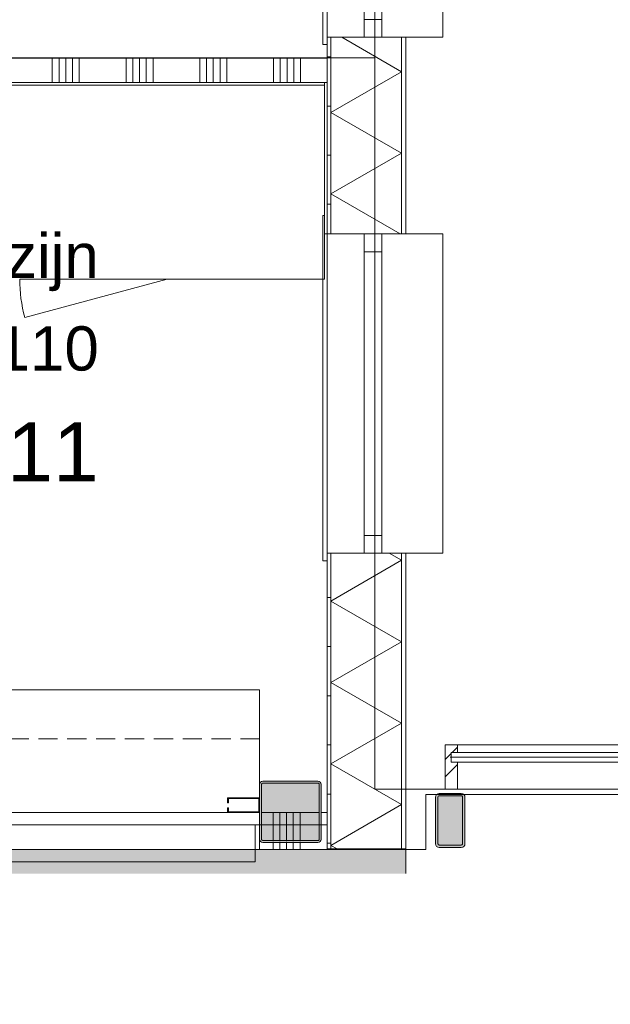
# Model space of a CAD drawing. Header units: millimetres. Extents: x -850 to 154668, y -80411 to 71019.
# Tile 177 of 236: x 60360 to 62762, y 29345 to 33351. Entities that reach past the tile are written whole.
import ezdxf
from ezdxf.enums import TextEntityAlignment as Align

# ---------------------------------------------------------------- set-up
doc = ezdxf.new("R2010")
doc.units = ezdxf.units.MM
doc.header["$MEASUREMENT"] = 0
doc.linetypes.add('B0702', pattern=[117.37, 78.119999, -39.250001])
doc.linetypes.add('Wipeout_Contour', pattern=[1000, 0, -1000])
for name, color, linetype in [('73 Keuken', 7, 'Continuous'), ('73 Keuken Afdek-arcering', 7, 'Continuous'), ('Info Wandafwerking aanduiding', 7, 'Continuous'), ('Info Wandafwerking aanduiding Doorsnede-arcering', 7, 'Continuous'), ('New_21 Buitenwanden', 7, 'Continuous'), ('New_21 Buitenwanden Doorsnede-arcering', 7, 'Continuous'), ('New_21 Buitenwanden Laagscheidingslijnen', 7, 'Continuous'), ('New_21 Buitenwanden Ramen', 7, 'Continuous'), ('New_21 Vliesgevels', 7, 'Continuous'), ('New_21 Vliesgevels Afdek-arcering', 7, 'Continuous'), ('New_21 Vliesgevels Doorsnede-arcering', 7, 'Continuous'), ('New_22 NC Binnenwanden', 7, 'Continuous'), ('New_22 NC Binnenwanden Doorsnede-arcering', 7, 'Continuous'), ('New_22 NC Binnenwanden Ramen', 7, 'Continuous'), ('New_23 Vloeren', 7, 'Continuous'), ('New_72 Vaste Inrichting', 7, 'Continuous'), ('New_73 Keuken', 7, 'Continuous'), ('New_Z Ruimtefuncties', 7, 'Continuous'), ('New_Z Ruimtefuncties Zone omranding', 7, 'Continuous'), ('New_Z Ruimtefuncties Zone tekst', 7, 'Continuous'), ('S-COLS-____-OTLN.RVT S', 7, 'Continuous'), ('S-COLS-____-OTLN.RVT S 2D arcering', 7, 'Continuous')]:
    doc.layers.add(name, color=color, linetype=linetype)
doc.styles.add('GENERATED_STYLE_1', font='arial.ttf')
doc.styles.add('GENERATED_STYLE_2', font='arial.ttf')
pattern_1 = [(180, (0, 0), (0, 200), [])]

# ---------------------------------------------------------------- blocks, each defined once
blk = doc.blocks.new('Slab_1_1', base_point=(0, 17060))
at = {"layer": 'New_23 Vloeren', "color": 7, "linetype": 'Continuous', "lineweight": 0, "flags": 128}
blk.add_lwpolyline([(0, 17060), (25600, 17060), (25600, 17539.8), (30060, 17539.8), (30060, 0), (44257.3, 0), (99110, 0), (99110, 26125), (78570.2, 26125), (78570.2, 30220), (61804.1, 30220), (61804.1, 33195.8), (50070.2, 33195.8), (50070.2, 36555.1), (42600, 36555.1), (42600, 38994.9), (31200.9, 38994.9), (31200.9, 49880), (25600, 49880), (25600, 70460), (0, 70460)], close=True, dxfattribs=at)
blk = doc.blocks.new('Slab_3_1', base_point=(31200.9, 49880))
at = {"layer": 'New_23 Vloeren', "color": 7, "linetype": 'Continuous', "lineweight": 0, "flags": 128}
blk.add_lwpolyline([(31200.9, 49880), (31200.9, 38994.9), (42600, 38994.9), (42600, 36555.1), (50070.2, 36555.1), (50070.2, 33195.8), (61804.1, 33195.8), (61804.1, 53915), (31400.3, 53915), (31400.3, 49880)], close=True, dxfattribs=at)
blk = doc.blocks.new('*X136')
at = {"layer": 'New_22 NC Binnenwanden Doorsnede-arcering', "color": 254, "linetype": 'Continuous', "lineweight": 0, "true_color": 0xe9ebeb}
blk.add_line((56590.3, 30010.9), (56590.3, 30125), dxfattribs=at)
blk = doc.blocks.new('*X137')
at = {"layer": 'New_22 NC Binnenwanden Doorsnede-arcering', "color": 254, "linetype": 'Continuous', "lineweight": 0, "true_color": 0xe9ebeb}
blk.add_line((56590.3, 29975), (56590.3, 30002.4), dxfattribs=at)
blk = doc.blocks.new('*X138')
at = {"layer": 'New_22 NC Binnenwanden Doorsnede-arcering', "color": 254, "linetype": 'Continuous', "lineweight": 0, "true_color": 0xe9ebeb}
for p, q in [((61390.3, 29975), (61390.3, 30000)), ((61417.7, 29975), (61417.7, 30000)), ((61445.1, 29975), (61445.1, 30000)), ((61472.6, 29975), (61472.6, 30000)), ((61500, 29975), (61500, 30000))]:
    blk.add_line(p, q, dxfattribs=at)
blk = doc.blocks.new('*X139')
at = {"layer": 'New_22 NC Binnenwanden Doorsnede-arcering', "color": 254, "linetype": 'Continuous', "lineweight": 0, "true_color": 0xe9ebeb}
for p, q in [((61390.3, 30008), (61390.3, 30125)), ((61417.7, 30008), (61417.7, 30125)), ((61445.1, 30008), (61445.1, 30125)), ((61472.6, 30008), (61472.6, 30125)), ((61500, 30008), (61500, 30125))]:
    blk.add_line(p, q, dxfattribs=at)
blk = doc.blocks.new('R rechthoekige opening 22_8')
at = {"layer": 'New_22 NC Binnenwanden Ramen', "color": 1, "linetype": 'Continuous', "lineweight": 0}
for p, q in [((-2367.5, 86), (2367.5, 86)), ((-2367.5, -64), (2367.5, -64))]:
    blk.add_line(p, q, dxfattribs=at)
at = {"layer": 'New_22 NC Binnenwanden Ramen', "color": 7, "linetype": 'Continuous', "lineweight": 0}
for p, q in [((-2367.5, 0), (-2367.5, 86)), ((2367.5, 0), (2367.5, 86)), ((-2367.5, -64), (-2367.5, 0)), ((2367.5, -64), (2367.5, 0))]:
    blk.add_line(p, q, dxfattribs=at)
blk = doc.blocks.new('Wall_25_1', base_point=(61610, 29975))
at = {"layer": 'New_22 NC Binnenwanden', "color": 8, "linetype": 'Continuous', "lineweight": 0, "true_color": 0x778488}
for p, q in [((56600.5, 30125), (56600.5, 30061)), ((61335.5, 30125), (61335.5, 30061)), ((56600.5, 30061), (56600.5, 29975)), ((61335.5, 30061), (61335.5, 29975))]:
    blk.add_line(p, q, dxfattribs=at)
at = {"layer": 'New_22 NC Binnenwanden', "color": 8, "linetype": 'Continuous', "lineweight": 0, "true_color": 0x778488, "flags": 128}
for points in [[(56592.4, 30125), (56475.4, 30125)], [(56475.4, 30125), (56475.4, 30008)], [(56600.5, 30125), (56600.4, 30125)], [(61577, 30125), (61343, 30125)], [(61610, 30125), (61585, 30125)], [(61610, 30125), (61610, 29975)], [(56475.4, 30000), (56475.4, 29975)], [(56475.4, 29975), (56600.5, 29975)], [(61335.5, 29975), (61610, 29975)]]:
    blk.add_lwpolyline(points, dxfattribs=at)
at = {"layer": 'New_22 NC Binnenwanden', "color": 8, "lineweight": 0, "true_color": 0x778488}
for name in ['*X136', '*X139', '*X137', '*X138']:
    blk.add_blockref(name, (0, 0), dxfattribs=at)
at = {"layer": 'New_22 NC Binnenwanden Ramen', "color": 1, "linetype": 'Continuous', "lineweight": 0, "zscale": 1000, "rotation": 180}
blk.add_blockref('R rechthoekige opening 22_8', (58968, 30061), dxfattribs=at)
blk = doc.blocks.new('Slab_4_1', base_point=(56600.5, 29925))
at = {"layer": 'New_72 Vaste Inrichting', "color": 1, "linetype": 'Continuous', "lineweight": 0, "flags": 128}
blk.add_lwpolyline([(56600.5, 29925), (58747.5, 29925), (59195, 29925), (61316.9, 29925), (61316.9, 30075), (61335.6, 30075), (61335.6, 30625), (56600.5, 30625)], close=True, dxfattribs=at)
blk = doc.blocks.new('Kast basis 1D 22_13')
at = {"layer": 'New_73 Keuken', "color": 1, "linetype": 'Continuous', "lineweight": 0}
for p, q in [((0, 800), (600, 800)), ((0, 0), (600, 0)), ((0, 0), (579.6, -155.3))]:
    blk.add_line(p, q, dxfattribs=at)
blk.add_arc((0, 0), 600, 345, 0, dxfattribs=at)
blk = doc.blocks.new('Kast basis multilade 22_5')
at = {"layer": 'New_73 Keuken', "color": 1, "linetype": 'Continuous', "lineweight": 0}
for p, q in [((0, 800), (640, 800)), ((640, 0), (640, 800)), ((0, 0), (640, 0))]:
    blk.add_line(p, q, dxfattribs=at)
blk = doc.blocks.new('Curtain Wall_89_1')
at = {"layer": 'New_21 Vliesgevels', "color": 1, "linetype": 'Continuous', "lineweight": 0}
blk.add_line((62090.1, 30400), (62090.1, 30220), dxfattribs=at)
at = {"color": 254, "linetype": 'Wipeout_Contour', "lineweight": 0, "ltscale": 278666.196962}
blk.add_wipeout([(63300.1, 30370), (62115.1, 30370), (62115.1, 30330), (63300.1, 30330)], dxfattribs=at).dxf.layer = 'New_21 Vliesgevels Afdek-arcering'
at = {"layer": 'New_21 Vliesgevels', "color": 1, "linetype": 'Continuous', "lineweight": 0}
blk.add_line((62115.1, 30370), (62115.1, 30330), dxfattribs=at)
at = {"color": 254, "linetype": 'Wipeout_Contour', "lineweight": 0, "ltscale": 278727.057545}
blk.add_wipeout([(62140.1, 30370), (63275.1, 30370), (63275.1, 30400), (62140.1, 30400)], dxfattribs=at).dxf.layer = 'New_21 Vliesgevels Afdek-arcering'
at = {"color": 254, "linetype": 'Wipeout_Contour', "lineweight": 0, "ltscale": 278535.529747}
blk.add_wipeout([(62140.1, 30220), (63275.1, 30220), (63275.1, 30330), (62140.1, 30330)], dxfattribs=at).dxf.layer = 'New_21 Vliesgevels Afdek-arcering'
at = {"layer": 'New_21 Vliesgevels Doorsnede-arcering', "linetype": 'Continuous', "lineweight": 0, "true_color": 0x000000}
h = blk.add_hatch(dxfattribs=at)
h.set_pattern_fill('505_Aluminium_0001', color=18, style=0, pattern_type=2)
h.set_pattern_definition([(45, (0, 0), (-176.7767, 176.7767), []), (45, (-35.36, 35.36), (-176.7767, 176.7767), []), (45, (-70.7, 70.7), (-176.7767, 176.7767), [])])
h.paths.add_polyline_path([(62115.1, 30330), (62115.1, 30370), (62140.1, 30370), (62140.1, 30400), (62090.1, 30400), (62090.1, 30220), (62140.1, 30220), (62140.1, 30330)])
at = {"layer": 'New_21 Vliesgevels', "color": 1, "linetype": 'Continuous', "lineweight": 0}
for p, q in [((62140.1, 30400), (62090.1, 30400)), ((62140.1, 30400), (62140.1, 30370)), ((62110.1, 30350), (63300.1, 30350)), ((62140.1, 30370), (62115.1, 30370)), ((62140.1, 30330), (62115.1, 30330)), ((62140.1, 30330), (62140.1, 30220)), ((62140.1, 30220), (62090.1, 30220))]:
    blk.add_line(p, q, dxfattribs=at)
at = {"layer": 'New_21 Vliesgevels', "color": 7, "linetype": 'Continuous', "lineweight": 0, "flags": 128}
for points in [[(63275.1, 30400), (62140.1, 30400)], [(62140.1, 30370), (63275.1, 30370)], [(62140.1, 30330), (63275.1, 30330)], [(63275.1, 30220), (62140.1, 30220)]]:
    blk.add_lwpolyline(points, dxfattribs=at)
blk = doc.blocks.new('*X1607')
at = {"layer": 'New_21 Buitenwanden Doorsnede-arcering', "linetype": 'Continuous', "lineweight": 0, "true_color": 0xe9ebeb}
for points in [[(61912.2, 31046.9), (61912.1, 31046.9), (61912.1, 30896.9), (61912.2, 30896.9)], [(61912.2, 30746.9), (61912.1, 30746.9), (61912.1, 30596.9), (61912.2, 30596.9)], [(61912.2, 30446.9), (61912.1, 30446.9), (61912.1, 30296.9), (61912.2, 30296.9)], [(61912.2, 30146.9), (61912.1, 30146.9), (61912.1, 29996.9), (61912.2, 29996.9)]]:
    blk.add_hatch(color=254, dxfattribs=at).paths.add_polyline_path(points)
blk = doc.blocks.new('*X1608')
at = {"layer": 'New_21 Buitenwanden Doorsnede-arcering', "linetype": 'Continuous', "lineweight": 0, "true_color": 0xe9ebeb}
for points in [[(61912.2, 33146.9), (61912.1, 33146.9), (61912.1, 32996.9), (61912.2, 32996.9)], [(61912.2, 32846.9), (61912.1, 32846.9), (61912.1, 32696.9), (61912.2, 32696.9)], [(61912.1, 32546.9), (61912.1, 32479.9), (61912.2, 32479.9), (61912.2, 32546.9)]]:
    blk.add_hatch(color=254, dxfattribs=at).paths.add_polyline_path(points)
blk = doc.blocks.new('*X1613')
at = {"layer": 'New_21 Buitenwanden Doorsnede-arcering', "linetype": 'Continuous', "lineweight": 0, "true_color": 0xe9ebeb}
for points in [[(61625.1, 33146.9), (61625, 33146.9), (61625, 32996.9), (61625.1, 32996.9)], [(61625.1, 32846.9), (61625, 32846.9), (61625, 32696.9), (61625.1, 32696.9)], [(61625.1, 32546.9), (61625, 32546.9), (61625, 32479.9), (61625.1, 32479.9)]]:
    blk.add_hatch(color=254, dxfattribs=at).paths.add_polyline_path(points)
blk = doc.blocks.new('*X1614')
at = {"layer": 'New_21 Buitenwanden Doorsnede-arcering', "linetype": 'Continuous', "lineweight": 0, "true_color": 0xe9ebeb}
for points in [[(61625.1, 31046.9), (61625, 31046.9), (61625, 30896.9), (61625.1, 30896.9)], [(61625.1, 30746.9), (61625, 30746.9), (61625, 30596.9), (61625.1, 30596.9)], [(61625.1, 30446.9), (61625, 30446.9), (61625, 30296.9), (61625.1, 30296.9)], [(61625.1, 30146.9), (61625, 30146.9), (61625, 29996.9), (61625.1, 29996.9)]]:
    blk.add_hatch(color=254, dxfattribs=at).paths.add_polyline_path(points)
blk = doc.blocks.new('*X1615')
at = {"layer": 'New_21 Buitenwanden Doorsnede-arcering', "color": 254, "linetype": 'Continuous', "lineweight": 0, "true_color": 0xe9ebeb}
for p, q in [((61912.1, 31151.5), (61862.9, 31179.9)), ((61912.1, 31151.5), (61625.1, 30985.8)), ((61912.1, 30820.1), (61625.1, 30985.8)), ((61912.1, 30820.1), (61625.1, 30654.4)), ((61912.1, 30488.7), (61625.1, 30654.4)), ((61912.1, 30488.7), (61625.1, 30323)), ((61912.1, 30157.3), (61625.1, 30323)), ((61912.1, 30157.3), (61625.1, 29991.6)), ((61650.8, 29976.8), (61625.1, 29991.6))]:
    blk.add_line(p, q, dxfattribs=at)
blk = doc.blocks.new('*X1617')
at = {"layer": 'New_21 Buitenwanden Doorsnede-arcering', "color": 254, "linetype": 'Continuous', "lineweight": 0, "true_color": 0xe9ebeb}
for p, q in [((61912.1, 33139.9), (61669.5, 33279.9)), ((61912.1, 33139.9), (61625.1, 32974.2)), ((61912.1, 32808.5), (61625.1, 32974.2)), ((61912.1, 32808.5), (61625.1, 32642.8)), ((61907.2, 32479.9), (61625.1, 32642.8))]:
    blk.add_line(p, q, dxfattribs=at)
blk = doc.blocks.new('R1 22_7')
at = {"layer": 'New_21 Buitenwanden Ramen', "color": 1, "linetype": 'Continuous', "lineweight": 0}
for p, q in [((-725, 150.2), (-725, 168.2)), ((-725, 168.2), (680, 168.2)), ((680, 168.2), (680, 150.2)), ((-650, 150.2), (-680, 150.2)), ((-650, 150.2), (-680, 150.2)), ((-650, 135.2), (-650, 150.2)), ((-650, 135.2), (-650, 150.2)), ((-650, 0), (-650, 135.1)), ((-650, 0), (-650, 135.1)), ((650, 135.2), (650, 150.2)), ((650, 135.2), (650, 150.2)), ((650, 150.2), (680, 150.2)), ((650, 150.2), (680, 150.2)), ((650, 0), (650, 135.1)), ((650, 0), (650, 135.1)), ((-650, 0), (-577, 0)), ((-650, -72), (-650, 0)), ((-650, -72), (-650, 0)), ((-577, 0), (-577, -72)), ((-577, 0), (577, 0)), ((577, -72), (577, 0)), ((577, 0), (650, 0)), ((650, -72), (650, 0)), ((650, -72), (650, 0)), ((-577, -72), (-650, -72)), ((-650, -152), (-650, -72)), ((577, -72), (-577, -72)), ((650, -72), (577, -72)), ((650, -152), (650, -72)), ((-650, -170), (-650, -320)), ((650, -320), (650, -170)), ((-650, -320), (650, -320))]:
    blk.add_line(p, q, dxfattribs=at)
at = {"layer": 'New_21 Buitenwanden Ramen', "color": 9, "linetype": 'Continuous', "lineweight": 0}
for p, q in [((-650, 150.2), (650, 150.2)), ((-650, 135.1), (-650, 135.2)), ((-650, 135.1), (-650, 135.2)), ((650, 135.1), (650, 135.2)), ((650, 135.1), (650, 135.2)), ((-650, -170), (-650, -152)), ((650, -170), (650, -152))]:
    blk.add_line(p, q, dxfattribs=at)
blk = doc.blocks.new('Wall_269_1', base_point=(61610, 37205))
at = {"layer": 'New_21 Buitenwanden Doorsnede-arcering', "linetype": 'Continuous', "lineweight": 0, "true_color": 0xe9ebeb}
h = blk.add_hatch(dxfattribs=at)
h.set_pattern_fill('930_Lijnen_vert_200_0001', color=254, style=0, pattern_type=2)
h.set_pattern_definition(pattern_1)
h.paths.add_polyline_path([(61610, 32479.9), (61625, 32479.9), (61625, 33279.9), (61610, 33279.9)])
h = blk.add_hatch(dxfattribs=at)
h.set_pattern_fill('930_Lijnen_vert_200_0001', color=254, style=0, pattern_type=2)
h.set_pattern_definition(pattern_1)
h.paths.add_polyline_path([(61610, 31179.9), (61610, 29976.8), (61625, 29976.8), (61625, 31179.9)])
at = {"layer": 'New_21 Buitenwanden', "color": 8, "linetype": 'Continuous', "lineweight": 0, "true_color": 0x778488}
for p, q in [((61610, 33279.9), (61610, 33249.9)), ((61625, 33279.9), (61610, 33279.9)), ((61625.1, 33279.9), (61625, 33279.9)), ((61760.2, 33279.9), (61625.1, 33279.9)), ((61832.2, 33279.9), (61760.2, 33279.9)), ((61912.2, 33279.9), (61832.2, 33279.9)), ((61930.2, 33279.9), (61912.2, 33279.9)), ((61610, 32479.9), (61610, 32509.9)), ((61625, 32479.9), (61610, 32479.9)), ((61625.1, 32479.9), (61625, 32479.9)), ((61760.2, 32479.9), (61625.1, 32479.9)), ((61832.2, 32479.9), (61760.2, 32479.9)), ((61912.2, 32479.9), (61832.2, 32479.9)), ((61930.2, 32479.9), (61912.2, 32479.9)), ((61610, 31179.9), (61610, 31149.9)), ((61625, 31179.9), (61610, 31179.9)), ((61625.1, 31179.9), (61625, 31179.9)), ((61760.2, 31179.9), (61625.1, 31179.9)), ((61832.2, 31179.9), (61760.2, 31179.9)), ((61912.2, 31179.9), (61832.2, 31179.9)), ((61930.2, 31179.9), (61912.2, 31179.9))]:
    blk.add_line(p, q, dxfattribs=at)
at = {"layer": 'New_21 Buitenwanden', "color": 8, "linetype": 'Continuous', "lineweight": 0, "true_color": 0x778488, "flags": 128}
for points in [[(61610, 33279.9), (61610, 32479.9)], [(61930.2, 32479.9), (61930.2, 33279.9)], [(61610, 31179.9), (61610, 29976.8)], [(61930.2, 29976.8), (61930.2, 31179.9)], [(61625, 29976.8), (61610, 29976.8)], [(61625.1, 29976.8), (61625, 29976.8)], [(61912.1, 29976.8), (61625.1, 29976.8)], [(61912.2, 29976.8), (61912.1, 29976.8)], [(61930.2, 29976.8), (61912.2, 29976.8)]]:
    blk.add_lwpolyline(points, dxfattribs=at)
at = {"layer": 'New_21 Buitenwanden Laagscheidingslijnen', "color": 8, "linetype": 'Continuous', "lineweight": 0, "true_color": 0x778488}
for p, q in [((61625, 33279.9), (61625, 32479.9)), ((61625.1, 33279.9), (61625.1, 32479.9)), ((61912.1, 32479.9), (61912.1, 33279.9)), ((61912.2, 32479.9), (61912.2, 33279.9)), ((61625, 31179.9), (61625, 29976.8)), ((61625.1, 31179.9), (61625.1, 29976.8)), ((61912.1, 29976.8), (61912.1, 31179.9)), ((61912.2, 29976.8), (61912.2, 31179.9))]:
    blk.add_line(p, q, dxfattribs=at)
at = {"layer": 'New_21 Buitenwanden', "color": 8, "lineweight": 0, "true_color": 0x778488}
for name in ['*X1617', '*X1613', '*X1608', '*X1615', '*X1614', '*X1607']:
    blk.add_blockref(name, (0, 0), dxfattribs=at)
at = {"layer": 'New_21 Buitenwanden Ramen', "color": 1, "linetype": 'Continuous', "lineweight": 0, "xscale": -1, "zscale": 1000, "rotation": 90}
for p in [(61760.2, 33929.9), (61760.2, 31829.9)]:
    blk.add_blockref('R1 22_7', p, dxfattribs=at)
blk = doc.blocks.new('Wall_406_1', base_point=(55559.9, 33095.1))
at = {"color": 254, "linetype": 'Wipeout_Contour', "lineweight": 0, "ltscale": 269219.468277}
blk.add_wipeout([(55569.9, 33085.1), (61610, 33085.2), (61610, 33095.2), (55569.9, 33095.1)], dxfattribs=at).dxf.layer = '73 Keuken Afdek-arcering'
at = {"layer": '73 Keuken', "color": 1, "linetype": 'Continuous', "lineweight": 0, "flags": 128}
for points in [[(61610, 33095.2), (55569.9, 33095.1)], [(55569.9, 33085.1), (61610, 33085.2)], [(61610, 33085.2), (61610, 33095.2)]]:
    blk.add_lwpolyline(points, dxfattribs=at)
blk = doc.blocks.new('Wall_407_1', base_point=(61610, 33095.2))
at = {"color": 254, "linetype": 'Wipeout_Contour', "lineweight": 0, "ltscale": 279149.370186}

####################

TASK GOAL → Using the data above, reproduce exactly the lines from the line that contains "from ezdxf.enums import" through the line that contains "doc.linetypes.add('Wipeout_Contour', pattern=[1000, 0, -1000])", including both.

SOLVED PROBLEM →
from ezdxf.enums import TextEntityAlignment as Align

# ---------------------------------------------------------------- set-up
doc = ezdxf.new("R2010")
doc.units = ezdxf.units.MM
doc.header["$MEASUREMENT"] = 0
doc.linetypes.add('B0702', pattern=[117.37, 78.119999, -39.250001])
doc.linetypes.add('Wipeout_Contour', pattern=[1000, 0, -1000])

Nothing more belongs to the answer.